Modification of METH Action by Selegiline

Selegiline in appropriate doses exhibits amphetamine-like properties per se, such as increased motor activity, rewarding effect, and behavioral sensitization (Table 1), since selegiline is metabolized in part to l-METH and l-amphetamine (Reynolds et al. 1978; Elsworth et al. 1982; Lajtha et al. 1996; Gerlach et al. 1996; Baker et al. 1999). Because of the potential of the selegiline metabolites for abuse liability, it is likely that selegiline could enhance METH action when given in combination. Indeed, selegiline (20 mg/kg) induced the stereotyped head movement in rats, while the stereotypy was not observed when the rats were administered with 1–10 mg/kg of selegiline (Table 1; Timár et al. 1996). Selegiline in doses of 1–20 mg/kg had no effect on locomotion, CPP index, nor the number of conditioned avoidance responses (Timár et al. 1996).

Increased discriminative stimulus effects were reported using 3 and 5.6 mg/kg of selegiline in combination with d-amphetamine (1 mg/kg) compared with d-amphetamine alone in mice which have been trained under a 5-response, fixed ratio schedule of stimulus-shock termination or a 10-response, fixed ratio schedule of food presentation to discriminate between d-amphetamine (1 mg/kg) and saline in a two-lever, conditioning procedure (Table 1; Yasar et al. 1993). Also, high doses of selegiline (17–30 mg/kg) produced full generalization to d-amphetamine (Yasar et al. 1993). These observations as well as those of Timár et al. (1996) suggest that the amphetamine-like properties can be observed when selegiline l-isomer) in high doses is treated.
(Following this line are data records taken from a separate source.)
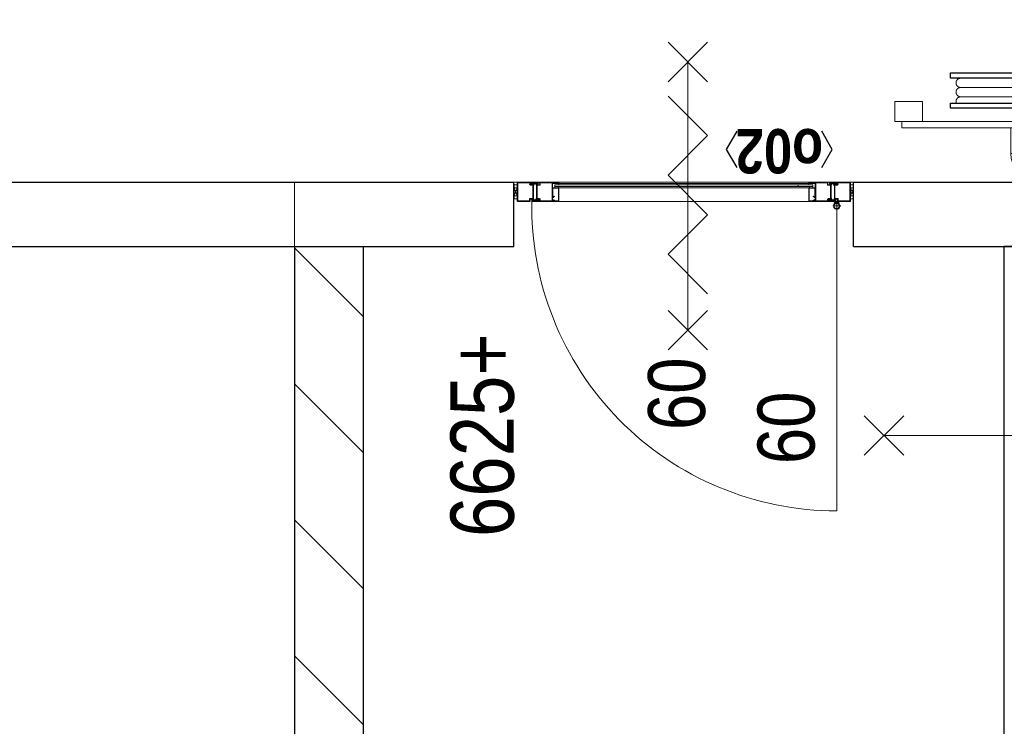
# Model space of a CAD drawing. Header units: millimetres. Extents: x -46954 to 169732, y -26853 to 94136.
# Tile 4 of 174: x -7834 to -4763, y -20086 to -17881. Entities that reach past the tile are written whole.
import ezdxf
from ezdxf.enums import TextEntityAlignment as Align

# ---------------------------------------------------------------- set-up
doc = ezdxf.new("R2010")
doc.units = ezdxf.units.MM
doc.header["$LTSCALE"] = 400
for name, color, linetype, lineweight in [('BA-Brandveiligheid', 7, 'Continuous', 15), ('Kozijnmerken', 43, 'Continuous', 9), ('mat-beton (ihwg)', 5, 'Continuous', 25), ('mat-kalkzandsteen', 5, 'Continuous', 25), ('None', 7, 'Continuous', 9), ('Tekst', 140, 'Continuous', 15)]:
    doc.layers.add(name, color=color, linetype=linetype, lineweight=lineweight)
doc.styles.add('Arial Narrow', font='ARIALN.TTF', dxfattribs={"height": 222.25})
doc.styles.add('Arial Narrow (bold)', font='ARIALNB.TTF', dxfattribs={"height": 172.861111})

# ---------------------------------------------------------------- blocks, each defined once
blk = doc.blocks.new('*X926')
at = {"layer": 'None', "lineweight": 9}
for p, q in [((-51600.8, 2705), (-51386.8, 2919)), ((-51176.5, 2705), (-50962.5, 2919)), ((-50752.3, 2705), (-50538.3, 2919)), ((-50328, 2705), (-50114, 2919))]:
    blk.add_line(p, q, dxfattribs=at)
blk = doc.blocks.new('060min zelfsluitend X')
at = {"layer": 'BA-Brandveiligheid', "color": 7, "linetype": 'Continuous', "lineweight": 15}
for p, q in [((-480.2, 61.7), (-356.7, -61.7)), ((-480.2, -61.7), (-356.7, 61.7)), ((480.2, 61.7), (356.7, -61.7)), ((480.2, -61.7), (356.7, 61.7))]:
    blk.add_line(p, q, dxfattribs=at)
at = {"layer": 'None', "color": 7, "linetype": 'Continuous', "lineweight": 15}
for p, q in [((-305.3, -61.7), (-181.8, 61.7)), ((-58.3, -61.7), (-181.8, 61.7)), ((-58.3, -61.7), (65.2, 61.7)), ((188.6, -61.7), (65.2, 61.7)), ((188.6, -61.7), (312.1, 61.7)), ((-418.5, 0), (418.5, 0))]:
    blk.add_line(p, q, dxfattribs=at)
at = {"layer": 'BA-Brandveiligheid', "color": 43, "insert": (-730.2, 124.2), "char_height": 177.8, "attachment_point": 1, "style": 'Arial Narrow'}
blk.add_mtext('60', dxfattribs=at)
blk = doc.blocks.new('Kozijnmerk 50')
at = {"layer": 'Kozijnmerken', "color": 92, "linetype": 'Continuous', "lineweight": 25}
for points in [[(-132.2, 50.6), (-164.8, -5.8), (-132.2, -62.1)], [(132.2, 50.6), (164.8, -5.8), (132.2, -62.1)]]:
    blk.add_lwpolyline(points, dxfattribs=at)
at = {"layer": 'None', "color": 43, "style": 'Arial Narrow (bold)'}
blk.add_attdef('merk', text='', height=138.3, dxfattribs=at).set_placement((0, 0), align=Align.MIDDLE_CENTER)
blk = doc.blocks.new('*U17')
at = {"layer": 'None', "color": 140, "linetype": 'Continuous', "lineweight": 15, "flags": 128}
blk.add_lwpolyline([(-21.4, 110), (58.6, 110), (58.6, 106.7, -0.391021), (52.6, 100.2), (-0.9, 95.9, 0.391021), (-12.4, 83.5), (-12.4, -83.5, 0.391021), (-0.9, -95.9), (52.6, -100.2, -0.391021), (58.6, -106.7), (58.6, -110), (-21.4, -110)], format="xyb", close=True, dxfattribs=at)
blk = doc.blocks.new('*U18')
at = {"layer": 'None', "color": 253, "linetype": 'Continuous', "lineweight": 5}
for p, q in [((96.625, -278), (96.625, 266)), ((125.704, -278), (125.704, 266)), ((50.42, -31.849), (50.42, 29))]:
    blk.add_line(p, q, dxfattribs=at)
at = {"layer": 'None', "color": 140, "linetype": 'Continuous', "lineweight": 15}
for p, q in [((50.42, 29), (1.453, 57.31)), ((0, -61), (50.42, -31.849))]:
    blk.add_line(p, q, dxfattribs=at)
at = {"layer": 'None', "color": 92, "linetype": 'Continuous', "lineweight": 25}
for points in [[(60.916, 296), (76.476, 296), (76.476, -300), (60.916, -300)], [(154.785, 296), (171.344, 296), (171.344, -302), (154.785, -302)]]:
    blk.add_lwpolyline(points, close=True, dxfattribs=at)
at = {"layer": 'None', "color": 253, "linetype": 'Continuous', "lineweight": 5}
blk.add_lwpolyline([(50.929, 18), (60.916, 18), (60.916, -18), (50.929, -18)], close=True, dxfattribs=at)
for points, knots in [([(96.866, 264), (96.866, 268.997), (93.792, 272.9335), (90.718, 276.87), (85.875, 278.0735), (81.032, 279.277), (76.476, 277.238)], [0, 0, 0, 0.333549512, 0.333549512, 0.666828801, 0.666828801, 1, 1, 1]), ([(125.825, 264), (125.825, 267.886), (123.8855, 271.2505), (121.946, 274.615), (118.586, 276.5575), (115.226, 278.5), (107.466, 278.5), (104.106, 276.5575), (100.746, 274.615), (98.806, 271.2505), (96.866, 267.886), (96.866, 264)], [0, 0, 0, 0.166769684, 0.166769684, 0.333423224, 0.333423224, 0.499994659, 0.666566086, 0.666566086, 0.833226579, 0.833226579, 1, 1, 1]), ([(154.785, 264), (154.785, 267.886), (152.845, 271.2505), (150.905, 274.615), (147.5455, 276.5575), (144.186, 278.5), (140.306, 278.5), (136.426, 278.5), (133.066, 276.5575), (129.706, 274.615), (127.7655, 271.2505), (125.825, 267.886), (125.825, 264)], [0, 0, 0, 0.166772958, 0.166772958, 0.333424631, 0.333424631, 0.499985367, 0.499985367, 0.666556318, 0.666556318, 0.833223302, 0.833223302, 1, 1, 1]), ([(76.477, -291.432), (81.039, -293.343), (85.8175, -292.072), (90.596, -290.801), (93.6105, -286.876), (96.625, -282.951), (96.625, -278)], [0, 0, 0, 0.333165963, 0.333165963, 0.666458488, 0.666458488, 1, 1, 1]), ([(96.625, -278), (96.625, -281.901), (98.573, -285.2795), (100.521, -288.658), (103.895, -290.609), (107.269, -292.56), (111.165, -292.56), (115.061, -292.56), (118.435, -290.609), (121.809, -288.658), (123.7565, -285.2795), (125.704, -281.901), (125.704, -278)], [0, 0, 0, 0.166754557, 0.166754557, 0.333426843, 0.333426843, 0.500005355, 0.500005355, 0.666583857, 0.666583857, 0.833249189, 0.833249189, 1, 1, 1]), ([(125.704, -278), (125.704, -281.901), (127.6525, -285.2795), (129.601, -288.658), (132.975, -290.609), (136.349, -292.56), (140.245, -292.56), (144.141, -292.56), (147.5145, -290.609), (150.888, -288.658), (152.836, -285.2795), (154.784, -281.901), (154.784, -278)], [0, 0, 0, 0.166757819, 0.166757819, 0.333436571, 0.333436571, 0.500014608, 0.500014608, 0.666582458, 0.666582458, 0.833245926, 0.833245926, 1, 1, 1])]:
    blk.add_open_spline(points, degree=2, knots=knots, dxfattribs=at)
blk = doc.blocks.new('BSH')
at = {"layer": 'None', "color": 140, "linetype": 'Continuous', "lineweight": 15}
for p, q in [((0, -61), (0, 111.155)), ((-159.8585, -36.7557), (-159.8585, 32.756)), ((-80, -6.8893), (-80, 2.8892))]:
    blk.add_line(p, q, dxfattribs=at)
at = {"layer": 'None', "color": 253, "linetype": 'Continuous', "lineweight": 5}
for p, q in [((135.277, -233.0824), (136.142, -233.8294)), ((27.7468, -383.0008), (105.0969, -276.5164)), ((130.6676, -289.4337), (48.7568, -402.0618))]:
    blk.add_line(p, q, dxfattribs=at)
at = {"layer": 'None', "color": 140, "linetype": 'Continuous', "lineweight": 15}
for points in [[(20, 469.75), (82, 469.75), (82, 382.75), (20, 382.75)], [(0, 448), (20, 448), (20, -452), (0, -452)], [(-160, 2.8892), (-9, 2.8892), (-9, -6.8893), (-160, -6.8893)]]:
    blk.add_lwpolyline(points, close=True, dxfattribs=at)
at = {"layer": 'None', "color": 8, "linetype": 'Continuous', "lineweight": 5}
for centre in [(-124, 37.275), (-44.5, 38.775), (-124, -41.275), (-45, -41.275)]:
    blk.add_circle(centre, 8.5, dxfattribs=at)
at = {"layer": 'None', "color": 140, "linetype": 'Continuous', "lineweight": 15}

Small doses of selegiline fail to induce any amphetamine-like hyperlocomotion (Timár et al. 1986). Timár et al. (1993) reported that selegiline at small doses can decrease amphetamine-induced stereotypy in rats, without change in the index of dopamine turnover in the olfactory tubercle, compared with saline-pretreated animals. They suggest that the uptake of amphetamine might be reduced by pretreatment with selegiline, resulting in the decrease of stereotyped behavior; however, the same selegiline treatment protocol as that reported by Timár et al. (1993) enhances striatal dopamine turnover (Zsilla et al. 1982). Therefore, the relationship between selegiline action on amphetamine-induced stereotypy and MAO-B activity needs to be clarified by further studies. Only one report shows the effect of selegiline on the lethal action of METH. Repeated administration with lower doses of selegiline (0.02 and 0.2 mg/kg) to mice treated with toxic METH dosage (10 mg/kg # 4 within one day, two-hour intervals) blocked the METH-induced increase in mortality (Table 1; Grasing et al. 2001). This selegiline effect was not detected at 2 mg/kg, suggesting that the mode of action is MAO-B independent. Regarding this point, Lamensdorf et al. (1999) reported that increased DAT expression was observed after chronic (21 days) treatment with selegiline (0.25 mg/kg). This might explain the results of Timár et al. (1993) and of Grasing et al. (2001), since the increased DAT expression induces increased extracellular dopamine clearance in the brain. Molecular mechanism(s) of the enhanced DAT expression by selegiline are unclear, although selegiline has been shown to alter the expression of mRNA for a variety of proteins including tyrosine hydroxylase and L-aromatic amino acid decarboxylase (Vrana et al. 1992; Li et al. 1992).

In mice, stereotypy can be induced by METH at doses of 10 mg/kg by a single injection (Tatsuta et al. 2005). When administered of mice with 20 mg/kg METH, the mice show self-injurious behavior (Mori et al. 2004). Tatsuta et al. (2005) reported that a wide range of selegiline (0.1–10 mg/kg) showed no enhancement of METH-induced stereotyped behavior nor a shift of the abnormal behavior from stereotypy to self-injurious behavior in mice, suggesting that 10 mg/kg of selegiline could not have an amphetamine (10 mg/kg)-like property after the systemic injection and following metabolism.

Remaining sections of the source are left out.